Given remaining uncertainties about current practice, the primary aim was to estimate and compare the prevalence and severity of hemostatic abnormalities in patients with and without reported bleeding symptoms on a guideline‐based preoperative questionnaire. Therefore, we extensively tested preoperative patients without known bleeding disorders and not on antithrombotic drugs, using contemporary hemostatic laboratory assays.

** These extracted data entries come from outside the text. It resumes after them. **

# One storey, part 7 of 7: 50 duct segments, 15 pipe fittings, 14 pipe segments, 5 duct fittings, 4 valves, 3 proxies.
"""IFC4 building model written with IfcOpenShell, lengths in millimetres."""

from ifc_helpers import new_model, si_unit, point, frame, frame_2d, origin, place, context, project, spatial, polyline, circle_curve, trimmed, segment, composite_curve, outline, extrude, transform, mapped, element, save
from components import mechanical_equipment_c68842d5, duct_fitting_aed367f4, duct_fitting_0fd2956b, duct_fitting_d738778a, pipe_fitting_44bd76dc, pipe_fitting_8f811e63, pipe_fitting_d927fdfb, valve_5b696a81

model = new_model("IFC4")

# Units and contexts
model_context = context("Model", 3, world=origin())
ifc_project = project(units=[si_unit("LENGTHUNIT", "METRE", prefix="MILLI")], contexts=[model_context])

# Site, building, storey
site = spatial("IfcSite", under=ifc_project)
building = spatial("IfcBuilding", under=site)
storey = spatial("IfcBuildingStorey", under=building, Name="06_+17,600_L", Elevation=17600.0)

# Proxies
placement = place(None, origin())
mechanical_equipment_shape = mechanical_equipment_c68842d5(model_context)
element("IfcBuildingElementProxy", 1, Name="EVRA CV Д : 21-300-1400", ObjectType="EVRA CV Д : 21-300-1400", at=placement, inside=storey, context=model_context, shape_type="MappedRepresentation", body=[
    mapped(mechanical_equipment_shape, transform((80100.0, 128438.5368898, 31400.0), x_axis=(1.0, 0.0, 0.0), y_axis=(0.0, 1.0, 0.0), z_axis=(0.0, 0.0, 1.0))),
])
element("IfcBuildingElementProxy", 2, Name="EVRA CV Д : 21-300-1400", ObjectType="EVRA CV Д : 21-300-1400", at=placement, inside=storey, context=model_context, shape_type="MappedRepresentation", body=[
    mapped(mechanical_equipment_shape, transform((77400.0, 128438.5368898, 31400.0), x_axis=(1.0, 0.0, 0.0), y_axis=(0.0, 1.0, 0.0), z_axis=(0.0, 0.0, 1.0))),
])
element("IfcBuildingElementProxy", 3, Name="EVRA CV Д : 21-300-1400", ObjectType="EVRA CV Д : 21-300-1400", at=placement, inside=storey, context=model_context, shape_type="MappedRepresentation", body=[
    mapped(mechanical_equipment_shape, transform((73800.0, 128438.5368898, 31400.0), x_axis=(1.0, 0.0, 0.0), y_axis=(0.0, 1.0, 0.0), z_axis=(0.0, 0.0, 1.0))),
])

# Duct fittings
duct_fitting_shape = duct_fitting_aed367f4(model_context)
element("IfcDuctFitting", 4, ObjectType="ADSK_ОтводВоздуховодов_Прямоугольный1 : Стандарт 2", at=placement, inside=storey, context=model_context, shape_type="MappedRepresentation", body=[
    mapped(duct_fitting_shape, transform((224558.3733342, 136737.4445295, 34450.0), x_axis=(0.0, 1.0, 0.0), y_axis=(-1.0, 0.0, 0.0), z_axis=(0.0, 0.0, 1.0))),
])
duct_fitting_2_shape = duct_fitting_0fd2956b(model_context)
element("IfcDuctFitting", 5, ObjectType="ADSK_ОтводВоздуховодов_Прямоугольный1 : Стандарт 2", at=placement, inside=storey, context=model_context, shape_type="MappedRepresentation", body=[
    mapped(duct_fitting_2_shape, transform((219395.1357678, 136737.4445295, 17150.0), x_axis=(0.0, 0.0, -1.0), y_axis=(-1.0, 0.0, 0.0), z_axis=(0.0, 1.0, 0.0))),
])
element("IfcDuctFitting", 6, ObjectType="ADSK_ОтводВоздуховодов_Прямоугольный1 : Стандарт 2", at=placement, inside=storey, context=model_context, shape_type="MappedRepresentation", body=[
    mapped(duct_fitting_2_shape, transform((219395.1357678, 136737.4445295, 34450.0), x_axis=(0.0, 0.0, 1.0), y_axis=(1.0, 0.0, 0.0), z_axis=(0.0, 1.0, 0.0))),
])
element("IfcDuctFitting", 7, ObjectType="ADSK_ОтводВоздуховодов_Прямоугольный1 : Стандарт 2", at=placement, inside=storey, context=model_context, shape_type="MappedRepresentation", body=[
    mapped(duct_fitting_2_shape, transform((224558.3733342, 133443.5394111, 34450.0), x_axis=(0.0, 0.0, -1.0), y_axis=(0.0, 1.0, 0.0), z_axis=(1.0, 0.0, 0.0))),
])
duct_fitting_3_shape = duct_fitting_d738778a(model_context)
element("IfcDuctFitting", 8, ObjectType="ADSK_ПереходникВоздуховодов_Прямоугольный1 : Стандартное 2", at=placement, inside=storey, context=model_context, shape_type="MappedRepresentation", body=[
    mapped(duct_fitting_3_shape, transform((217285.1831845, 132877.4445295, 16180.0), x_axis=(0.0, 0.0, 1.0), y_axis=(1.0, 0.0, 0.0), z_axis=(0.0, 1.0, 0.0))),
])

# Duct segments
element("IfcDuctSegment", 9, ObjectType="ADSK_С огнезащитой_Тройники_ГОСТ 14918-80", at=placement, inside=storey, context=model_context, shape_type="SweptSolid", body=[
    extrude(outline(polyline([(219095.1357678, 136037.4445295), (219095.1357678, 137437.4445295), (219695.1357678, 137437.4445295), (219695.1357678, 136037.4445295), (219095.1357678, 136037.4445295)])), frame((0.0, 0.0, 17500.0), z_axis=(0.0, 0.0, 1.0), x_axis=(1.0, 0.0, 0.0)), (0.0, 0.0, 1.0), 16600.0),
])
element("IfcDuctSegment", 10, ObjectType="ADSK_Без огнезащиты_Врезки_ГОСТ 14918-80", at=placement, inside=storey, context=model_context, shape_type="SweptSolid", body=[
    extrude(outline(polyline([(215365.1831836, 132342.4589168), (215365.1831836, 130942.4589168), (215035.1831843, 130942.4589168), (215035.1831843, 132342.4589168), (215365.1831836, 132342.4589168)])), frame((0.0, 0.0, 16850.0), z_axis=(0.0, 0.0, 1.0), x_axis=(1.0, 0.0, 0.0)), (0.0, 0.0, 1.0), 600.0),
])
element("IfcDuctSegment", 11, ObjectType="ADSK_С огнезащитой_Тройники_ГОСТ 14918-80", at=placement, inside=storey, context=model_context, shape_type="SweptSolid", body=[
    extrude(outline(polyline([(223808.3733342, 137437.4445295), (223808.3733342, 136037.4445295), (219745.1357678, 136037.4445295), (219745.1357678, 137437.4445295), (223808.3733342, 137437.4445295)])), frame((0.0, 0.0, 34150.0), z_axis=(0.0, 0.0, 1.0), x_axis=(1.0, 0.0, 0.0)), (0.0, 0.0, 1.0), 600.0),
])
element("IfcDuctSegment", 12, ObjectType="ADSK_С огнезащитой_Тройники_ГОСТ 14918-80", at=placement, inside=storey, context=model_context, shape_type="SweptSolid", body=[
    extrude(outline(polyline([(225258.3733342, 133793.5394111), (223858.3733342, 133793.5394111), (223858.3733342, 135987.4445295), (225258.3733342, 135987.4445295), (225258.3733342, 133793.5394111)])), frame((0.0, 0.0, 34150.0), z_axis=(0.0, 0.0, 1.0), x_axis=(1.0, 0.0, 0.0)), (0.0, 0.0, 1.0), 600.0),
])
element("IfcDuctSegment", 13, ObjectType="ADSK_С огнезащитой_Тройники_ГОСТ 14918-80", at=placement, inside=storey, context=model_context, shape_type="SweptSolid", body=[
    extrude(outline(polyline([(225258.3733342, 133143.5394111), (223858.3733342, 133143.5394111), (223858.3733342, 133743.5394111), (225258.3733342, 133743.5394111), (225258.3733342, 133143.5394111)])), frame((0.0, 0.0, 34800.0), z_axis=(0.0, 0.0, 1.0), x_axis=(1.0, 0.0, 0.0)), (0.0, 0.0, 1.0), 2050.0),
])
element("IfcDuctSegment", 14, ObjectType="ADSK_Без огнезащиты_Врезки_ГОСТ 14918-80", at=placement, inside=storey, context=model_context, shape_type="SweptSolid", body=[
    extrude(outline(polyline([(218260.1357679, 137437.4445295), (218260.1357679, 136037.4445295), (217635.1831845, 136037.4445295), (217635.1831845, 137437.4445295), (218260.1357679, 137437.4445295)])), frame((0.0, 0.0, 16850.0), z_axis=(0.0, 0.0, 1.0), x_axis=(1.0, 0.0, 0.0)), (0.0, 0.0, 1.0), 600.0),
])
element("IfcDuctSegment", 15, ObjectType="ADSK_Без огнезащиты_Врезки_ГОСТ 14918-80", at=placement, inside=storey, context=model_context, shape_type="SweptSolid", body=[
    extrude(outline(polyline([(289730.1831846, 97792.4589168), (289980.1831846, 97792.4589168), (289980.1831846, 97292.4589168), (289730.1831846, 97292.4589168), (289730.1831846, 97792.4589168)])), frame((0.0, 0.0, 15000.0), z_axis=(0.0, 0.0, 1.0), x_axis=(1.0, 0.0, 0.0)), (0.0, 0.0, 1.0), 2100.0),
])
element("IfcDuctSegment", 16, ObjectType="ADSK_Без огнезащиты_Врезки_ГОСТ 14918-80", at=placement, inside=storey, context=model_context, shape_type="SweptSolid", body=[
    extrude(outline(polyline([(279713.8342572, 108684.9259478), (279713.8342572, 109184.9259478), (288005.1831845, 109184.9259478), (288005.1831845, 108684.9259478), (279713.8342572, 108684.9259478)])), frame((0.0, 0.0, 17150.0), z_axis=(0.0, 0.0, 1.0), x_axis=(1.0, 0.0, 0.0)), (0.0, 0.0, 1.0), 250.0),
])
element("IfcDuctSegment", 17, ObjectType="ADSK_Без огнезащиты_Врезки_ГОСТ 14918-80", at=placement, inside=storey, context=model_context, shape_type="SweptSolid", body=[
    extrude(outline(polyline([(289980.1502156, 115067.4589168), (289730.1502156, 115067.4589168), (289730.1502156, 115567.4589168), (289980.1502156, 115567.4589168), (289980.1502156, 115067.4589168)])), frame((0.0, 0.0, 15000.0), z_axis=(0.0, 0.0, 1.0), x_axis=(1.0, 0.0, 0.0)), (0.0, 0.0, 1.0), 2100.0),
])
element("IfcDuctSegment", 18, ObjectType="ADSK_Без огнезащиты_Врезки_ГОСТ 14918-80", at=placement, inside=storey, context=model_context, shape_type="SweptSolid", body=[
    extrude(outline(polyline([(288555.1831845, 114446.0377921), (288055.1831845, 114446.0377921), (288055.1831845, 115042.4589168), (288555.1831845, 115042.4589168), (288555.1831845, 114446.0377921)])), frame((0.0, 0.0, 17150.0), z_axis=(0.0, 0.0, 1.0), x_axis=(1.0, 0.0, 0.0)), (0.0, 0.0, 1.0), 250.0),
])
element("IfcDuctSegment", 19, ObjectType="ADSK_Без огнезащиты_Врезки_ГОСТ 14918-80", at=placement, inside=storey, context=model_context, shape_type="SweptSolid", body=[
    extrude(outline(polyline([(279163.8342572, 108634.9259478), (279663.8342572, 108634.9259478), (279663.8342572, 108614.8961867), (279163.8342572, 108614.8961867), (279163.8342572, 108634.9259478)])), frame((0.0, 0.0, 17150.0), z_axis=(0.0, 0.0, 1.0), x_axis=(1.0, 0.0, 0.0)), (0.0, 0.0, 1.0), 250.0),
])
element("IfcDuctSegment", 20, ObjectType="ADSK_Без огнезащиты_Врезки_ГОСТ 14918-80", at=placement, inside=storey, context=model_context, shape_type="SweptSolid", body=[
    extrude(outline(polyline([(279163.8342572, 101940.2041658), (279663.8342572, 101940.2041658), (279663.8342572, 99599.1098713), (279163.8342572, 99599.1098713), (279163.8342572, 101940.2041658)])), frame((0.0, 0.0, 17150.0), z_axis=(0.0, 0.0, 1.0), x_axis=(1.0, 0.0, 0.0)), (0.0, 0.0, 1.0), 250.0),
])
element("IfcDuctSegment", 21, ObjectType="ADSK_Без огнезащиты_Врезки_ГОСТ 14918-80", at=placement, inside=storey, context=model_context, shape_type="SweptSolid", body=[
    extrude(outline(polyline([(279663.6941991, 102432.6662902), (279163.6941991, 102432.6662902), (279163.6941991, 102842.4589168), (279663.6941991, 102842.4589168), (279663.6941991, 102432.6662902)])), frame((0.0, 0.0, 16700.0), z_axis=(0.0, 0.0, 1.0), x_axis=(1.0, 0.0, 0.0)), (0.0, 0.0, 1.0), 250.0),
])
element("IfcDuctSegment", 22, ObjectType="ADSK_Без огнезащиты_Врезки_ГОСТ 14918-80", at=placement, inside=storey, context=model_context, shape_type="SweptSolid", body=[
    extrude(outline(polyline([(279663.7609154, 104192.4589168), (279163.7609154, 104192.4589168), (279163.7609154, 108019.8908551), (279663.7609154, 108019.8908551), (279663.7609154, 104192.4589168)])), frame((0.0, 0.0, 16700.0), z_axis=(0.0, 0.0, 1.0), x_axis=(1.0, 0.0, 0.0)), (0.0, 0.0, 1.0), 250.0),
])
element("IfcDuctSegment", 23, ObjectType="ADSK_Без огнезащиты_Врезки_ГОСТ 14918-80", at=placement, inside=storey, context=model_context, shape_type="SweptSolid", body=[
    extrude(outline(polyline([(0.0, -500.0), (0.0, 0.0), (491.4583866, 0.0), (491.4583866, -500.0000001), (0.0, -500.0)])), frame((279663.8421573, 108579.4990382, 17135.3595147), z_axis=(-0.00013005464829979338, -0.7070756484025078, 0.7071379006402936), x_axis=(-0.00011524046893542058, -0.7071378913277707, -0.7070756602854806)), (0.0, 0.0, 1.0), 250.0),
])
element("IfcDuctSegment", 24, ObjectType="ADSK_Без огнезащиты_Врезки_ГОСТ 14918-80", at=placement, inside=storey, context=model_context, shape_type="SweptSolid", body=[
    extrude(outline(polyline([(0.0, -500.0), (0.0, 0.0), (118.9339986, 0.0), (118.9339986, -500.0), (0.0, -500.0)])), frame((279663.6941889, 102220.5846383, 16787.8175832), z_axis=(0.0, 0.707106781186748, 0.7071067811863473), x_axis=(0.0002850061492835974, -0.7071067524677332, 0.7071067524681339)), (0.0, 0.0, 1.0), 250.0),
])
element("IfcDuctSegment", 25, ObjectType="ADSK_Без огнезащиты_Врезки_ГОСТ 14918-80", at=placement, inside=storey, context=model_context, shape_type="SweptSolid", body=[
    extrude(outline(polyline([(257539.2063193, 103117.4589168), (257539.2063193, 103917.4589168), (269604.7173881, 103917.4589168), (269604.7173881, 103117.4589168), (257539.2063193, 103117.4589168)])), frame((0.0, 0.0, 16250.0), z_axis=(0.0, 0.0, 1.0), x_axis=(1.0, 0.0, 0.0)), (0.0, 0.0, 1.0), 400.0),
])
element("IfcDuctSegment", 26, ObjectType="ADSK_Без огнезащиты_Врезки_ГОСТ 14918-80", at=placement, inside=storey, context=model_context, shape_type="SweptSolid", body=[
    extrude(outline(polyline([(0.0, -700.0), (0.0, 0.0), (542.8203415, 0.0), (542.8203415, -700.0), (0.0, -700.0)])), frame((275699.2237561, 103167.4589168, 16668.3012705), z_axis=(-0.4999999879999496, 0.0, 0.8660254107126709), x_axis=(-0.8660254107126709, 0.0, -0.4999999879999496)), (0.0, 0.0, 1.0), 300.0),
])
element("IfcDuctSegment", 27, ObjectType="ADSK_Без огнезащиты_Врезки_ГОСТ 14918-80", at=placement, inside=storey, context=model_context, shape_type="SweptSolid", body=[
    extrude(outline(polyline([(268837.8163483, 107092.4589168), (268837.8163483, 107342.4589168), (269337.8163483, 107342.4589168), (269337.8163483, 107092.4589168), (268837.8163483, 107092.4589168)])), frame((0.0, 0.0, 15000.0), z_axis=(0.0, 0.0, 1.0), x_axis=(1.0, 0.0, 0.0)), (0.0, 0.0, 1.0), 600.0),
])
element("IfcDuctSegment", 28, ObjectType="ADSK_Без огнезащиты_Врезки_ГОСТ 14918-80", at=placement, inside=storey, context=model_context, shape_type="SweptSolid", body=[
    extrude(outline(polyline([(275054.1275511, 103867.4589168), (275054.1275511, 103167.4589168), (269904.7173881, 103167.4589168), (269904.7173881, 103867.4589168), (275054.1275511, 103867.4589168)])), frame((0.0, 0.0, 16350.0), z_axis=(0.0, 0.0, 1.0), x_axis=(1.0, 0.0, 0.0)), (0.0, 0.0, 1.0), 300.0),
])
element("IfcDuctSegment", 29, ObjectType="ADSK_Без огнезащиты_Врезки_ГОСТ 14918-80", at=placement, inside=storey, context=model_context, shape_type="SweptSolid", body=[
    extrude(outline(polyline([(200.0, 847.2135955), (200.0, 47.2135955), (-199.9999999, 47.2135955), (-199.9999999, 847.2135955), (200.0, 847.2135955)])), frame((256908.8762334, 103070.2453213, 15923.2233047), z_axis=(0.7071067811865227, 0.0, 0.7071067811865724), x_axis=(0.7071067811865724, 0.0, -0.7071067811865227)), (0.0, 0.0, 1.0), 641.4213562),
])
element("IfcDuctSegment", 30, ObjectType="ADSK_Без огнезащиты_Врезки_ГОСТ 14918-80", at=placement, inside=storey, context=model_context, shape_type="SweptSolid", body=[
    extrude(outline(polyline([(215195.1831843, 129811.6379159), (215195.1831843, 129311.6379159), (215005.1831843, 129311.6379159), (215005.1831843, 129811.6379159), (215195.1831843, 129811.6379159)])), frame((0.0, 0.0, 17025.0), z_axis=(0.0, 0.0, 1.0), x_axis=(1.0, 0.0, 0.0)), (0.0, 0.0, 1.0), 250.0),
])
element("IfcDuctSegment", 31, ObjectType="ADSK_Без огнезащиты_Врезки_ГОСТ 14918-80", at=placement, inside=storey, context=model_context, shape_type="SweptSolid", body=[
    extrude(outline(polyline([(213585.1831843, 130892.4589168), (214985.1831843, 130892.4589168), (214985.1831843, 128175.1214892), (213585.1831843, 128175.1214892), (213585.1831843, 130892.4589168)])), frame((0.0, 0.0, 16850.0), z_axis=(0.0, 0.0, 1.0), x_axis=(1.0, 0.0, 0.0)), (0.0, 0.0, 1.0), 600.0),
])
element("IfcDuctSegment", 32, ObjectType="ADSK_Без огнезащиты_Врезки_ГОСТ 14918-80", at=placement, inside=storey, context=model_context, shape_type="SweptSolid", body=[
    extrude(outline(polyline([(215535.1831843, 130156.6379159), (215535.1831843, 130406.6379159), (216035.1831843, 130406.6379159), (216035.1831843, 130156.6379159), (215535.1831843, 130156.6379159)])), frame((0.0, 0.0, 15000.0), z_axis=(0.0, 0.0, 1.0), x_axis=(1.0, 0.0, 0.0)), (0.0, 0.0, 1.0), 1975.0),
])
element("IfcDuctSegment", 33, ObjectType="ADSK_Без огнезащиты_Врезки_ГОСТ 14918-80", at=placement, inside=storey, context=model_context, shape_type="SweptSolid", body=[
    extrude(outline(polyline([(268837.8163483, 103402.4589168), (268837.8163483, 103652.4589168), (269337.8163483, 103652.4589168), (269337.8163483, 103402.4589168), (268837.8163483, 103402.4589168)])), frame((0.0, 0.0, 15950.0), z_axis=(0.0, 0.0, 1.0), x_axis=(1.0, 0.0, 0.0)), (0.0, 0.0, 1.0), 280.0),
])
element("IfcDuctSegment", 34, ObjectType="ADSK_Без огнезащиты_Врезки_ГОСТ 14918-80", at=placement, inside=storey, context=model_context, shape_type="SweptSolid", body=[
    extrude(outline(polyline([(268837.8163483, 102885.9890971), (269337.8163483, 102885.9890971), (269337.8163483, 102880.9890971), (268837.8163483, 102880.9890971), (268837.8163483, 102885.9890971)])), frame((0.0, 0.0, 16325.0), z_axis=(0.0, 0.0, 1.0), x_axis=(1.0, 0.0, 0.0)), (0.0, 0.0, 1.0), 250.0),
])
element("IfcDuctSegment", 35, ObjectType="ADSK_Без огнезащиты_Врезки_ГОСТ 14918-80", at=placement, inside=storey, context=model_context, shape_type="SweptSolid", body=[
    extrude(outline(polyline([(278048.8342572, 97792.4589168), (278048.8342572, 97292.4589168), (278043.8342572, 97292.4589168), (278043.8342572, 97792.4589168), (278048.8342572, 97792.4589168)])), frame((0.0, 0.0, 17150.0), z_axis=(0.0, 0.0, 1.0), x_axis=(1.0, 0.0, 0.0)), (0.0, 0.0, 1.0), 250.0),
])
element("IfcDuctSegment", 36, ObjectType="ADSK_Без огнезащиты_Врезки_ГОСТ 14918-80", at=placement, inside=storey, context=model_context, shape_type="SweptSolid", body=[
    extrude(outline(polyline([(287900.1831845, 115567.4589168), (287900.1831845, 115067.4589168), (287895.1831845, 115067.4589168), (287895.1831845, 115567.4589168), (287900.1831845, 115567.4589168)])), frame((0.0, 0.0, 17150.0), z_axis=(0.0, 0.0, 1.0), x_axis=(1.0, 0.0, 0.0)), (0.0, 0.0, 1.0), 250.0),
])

In addition, we assessed the value of the ISTH‐Bleeding Assessment Tool (ISTH‐BAT), and laboratory screening tests (Prothrombin Time [PT], activated Partial Prothrombin Time [aPTT], Thrombin Time [TT], Platelet Function Analyser [PFA], Euglobulin Lysis Time [ELT]) for the identification of preoperative patients with hemostatic abnormalities.
2. METHODS
2.1. Study population and design
In this explorative observational study, the study population was recruited from consecutive patients who were scheduled for any kind of elective surgery in the Maastricht University Medical Centre (MUMC) in the period from September 2013 to January 2016. During this time frame, 35 000 patients were scheduled for surgery. Subjects eligible for inclusion were ≥18 years old, did not have known bleeding disorders, did not use antithrombotic or nonsteroidal anti‐inflammatory drugs. Patients with thrombocytopenia (<100 × 109/L) or anemia (men: hemoglobin level <13.2 g/dL, women: <11.8 g/dL) and pregnant women were excluded.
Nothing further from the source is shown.